Puis, M. Couillard ajoute: «Nous avons tendu au maximum les élastiques de l'endettement et de la fiscalité, mettant en péril notre compétitivité par rapport à nos voisins. Notre État est très présent dans l'économie; il faut lui redonner son rôle de partenaire, de navigateur, plutôt que d'exécutant. Lorsqu'il investit dans un projet, il faut que les risques soient répartis équitablement entre nos partenaires et le contribuable.»

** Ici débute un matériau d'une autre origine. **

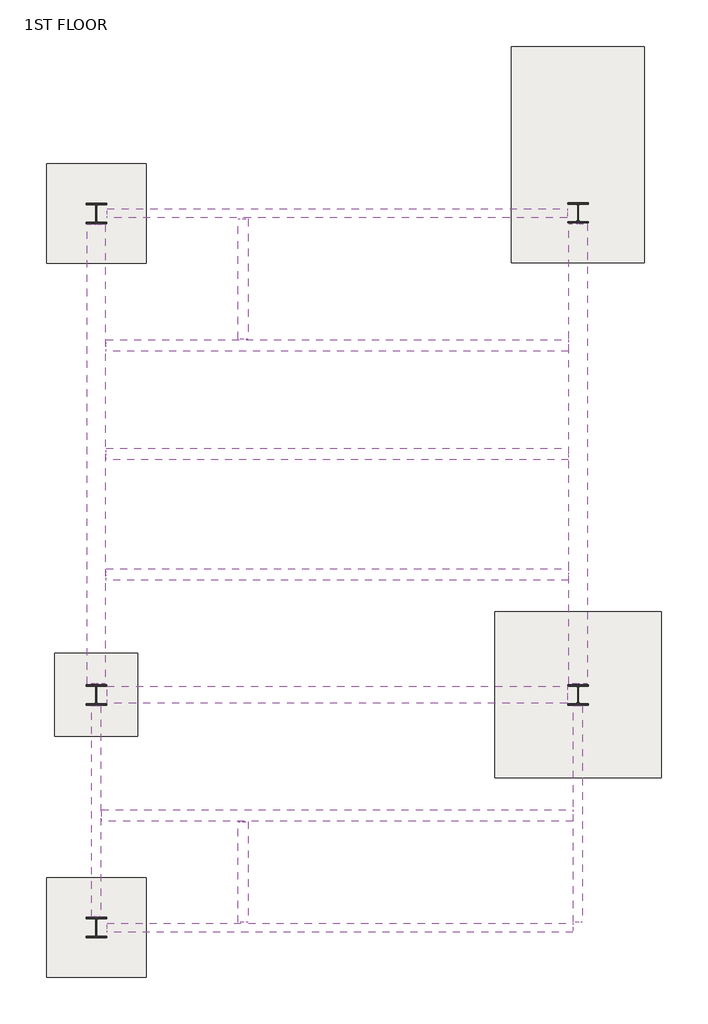
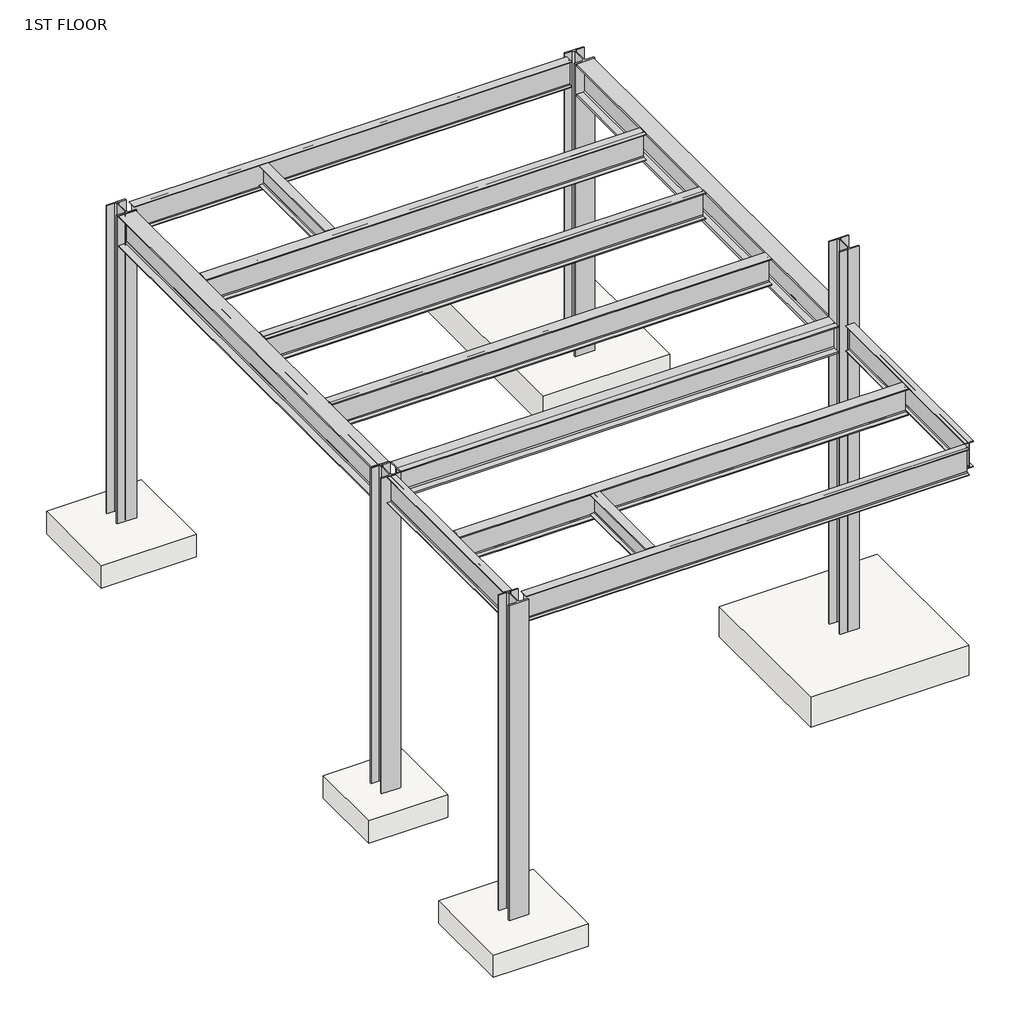
# One storey: 13 beams, 5 columns, 5 slabs.
# Revit data of these elements (continued)
# Element 16 (IfcColumn, "W-Wide Flange-Column : W14X132") (continued)
#   RS Unique Id = 265123
#   Column Material = Metal - Steel - ASTM A992
#   Phase Created = New Construction
#   Materials on its faces: "Metal - Steel - ASTM A992"
# Element 17 (IfcColumn, "W-Wide Flange-Column : W14X132")
#   RM User Number = 299
#   RM Unique Id = 4749
#   RS Unique Id = 265145
#   Column Material = Metal - Steel - ASTM A992
#   Phase Created = New Construction
#   Materials on its faces: "Metal - Steel - ASTM A992"
# Element 18 (IfcColumn, "W-Wide Flange-Column : W14X132")
#   RM User Number = 35
#   RM Unique Id = 4525
#   RS Unique Id = 247418
#   Column Material = Metal - Steel - ASTM A992
#   Phase Created = New Construction
#   Materials on its faces: "Metal - Steel - ASTM A992"
# Element 19 (IfcSlab, "Footing-Rectangular : 6'-0\" x 6''-0\"")
#   RM User Number = 0
#   RM Unique Id = 0
#   RS Unique Id = 268534
#   Footing Material = Concrete - Cast-in-Place Concrete
#   Phase Created = New Construction
#   Materials on its faces: "Concrete - Cast-in-Place Concrete"
# Element 20 (IfcSlab, "Footing-Rectangular : 6'-0\" x 6''-0\"")
#   RM User Number = 0
#   RM Unique Id = 0
#   RS Unique Id = 268536
#   Footing Material = Concrete - Cast-in-Place Concrete
#   Phase Created = New Construction
#   Materials on its faces: "Concrete - Cast-in-Place Concrete"
# Element 21 (IfcSlab, "Footing-Rectangular : 8''-0\" x 13'-0\"")
#   RM User Number = 0
#   RM Unique Id = 0
#   RS Unique Id = 344702
#   Footing Material = Concrete - Cast-in-Place Concrete
#   Phase Created = New Construction
#   Materials on its faces: "Concrete - Cast-in-Place Concrete"
# Element 22 (IfcSlab, "Footing-Rectangular : 10-0' x 10'-0\"")
#   RM User Number = 0
#   RM Unique Id = 0
#   RS Unique Id = 250894
#   Footing Material = Concrete - Cast-in-Place Concrete
#   Phase Created = New Construction
#   Materials on its faces: "Concrete - Cast-in-Place Concrete"
# Element 23 (IfcSlab, "Footing-Rectangular : 5'-0\" x 5'-0\"")
#   RM User Number = 0
#   RM Unique Id = 0
#   RS Unique Id = 268535
#   Footing Material = Concrete - Cast-in-Place Concrete
#   Phase Created = New Construction
#   Materials on its faces: "Concrete - Cast-in-Place Concrete"
# Materials
#   "Metal - Steel - ASTM A992": class "Metal", colour RGB 128 0 0, transparency 0
#   "Concrete - Cast-in-Place Concrete": class "Concrete", colour RGB 192 192 192, transparency 0.4

Le credo du gouvernement se résume ainsi: «La démonstration d'un besoin ne signifie pas l'engagement automatique de l'État.» Note aux ministres: habituez-vous à vous faire dire non!

Le ton est clair. C'est le même que pendant la campagne électorale: réduire la taille de l'État, revoir la fiscalité, réviser la pertinence des programmes, tout cela sans augmenter les taxes et les impôts. On y revient: il n'y a pas 56 pistes de solution, faudra nécessairement faire des coupes.

Aux syndicats et aux employés de l'État, M. Couillard présente son plan comme un nouveau partenariat, mais ceux-ci auront bien compris qu'ils sont, comme à l'époque de M. Bouchard, dans le collimateur.

Il faudra attendre le premier budget Leitao (attendu début juin) pour connaître les détails de l'opération dégraissage, mais déjà, on voit des morceaux se mettre en place. Le gouvernement Couillard veut réduire le budget des commissions scolaires et entend, au besoin, forcer la main des employés municipaux. Les ministres Pierre Moreau, Sam Hamad et François Blais sont allés hier midi le dire en personne aux employés municipaux réunis devant l'Assemblée nationale.

D'autres décisions impopulaires viendront. Il est évident, depuis hier, que le gouvernement Couillard prépare le retrait de la participation provinciale (300 millions) dans le projet de cimenterie de Port-Daniel, en Gaspésie. Pendant la campagne électorale, le chef libéral reprochait pourtant à son adversaire de la CAQ, François Legault, de ne pas aimer les Gaspésiens, lui qui voulait annuler l'engagement du gouvernement Marois d'investir dans cette cimenterie.

Ce n'est pas le seul rapprochement postélectoral entre le PLQ et la CAQ. On note plusieurs idées caquistes dans le plan de compression dans l'appareil de l'État dessiné par le nouveau gouvernement.

«C'est pourtant le même Philippe Couillard qui disait en campagne électorale que ce serait l'anarchie au Québec avec Legault premier ministre!», m'a lancé, narquois, un conseiller du chef de la CAQ.

Philippe Couillard ira-t-il aussi loin, aussi vite que le proposait François Legault? Le ton est ferme, mais on a vu, avant lui, des premiers ministres tout aussi déterminés manquer de souffle après quelques affrontements épuisants avec les groupes visés par le grand ménage et les nouveaux «partenariats».

Premier test économique: le budget, dans quelques jours. Premier test politique: la rentrée parlementaire d'automne, qui pourrait, selon toute vraisemblance, rallumer quelques foyers de contestation.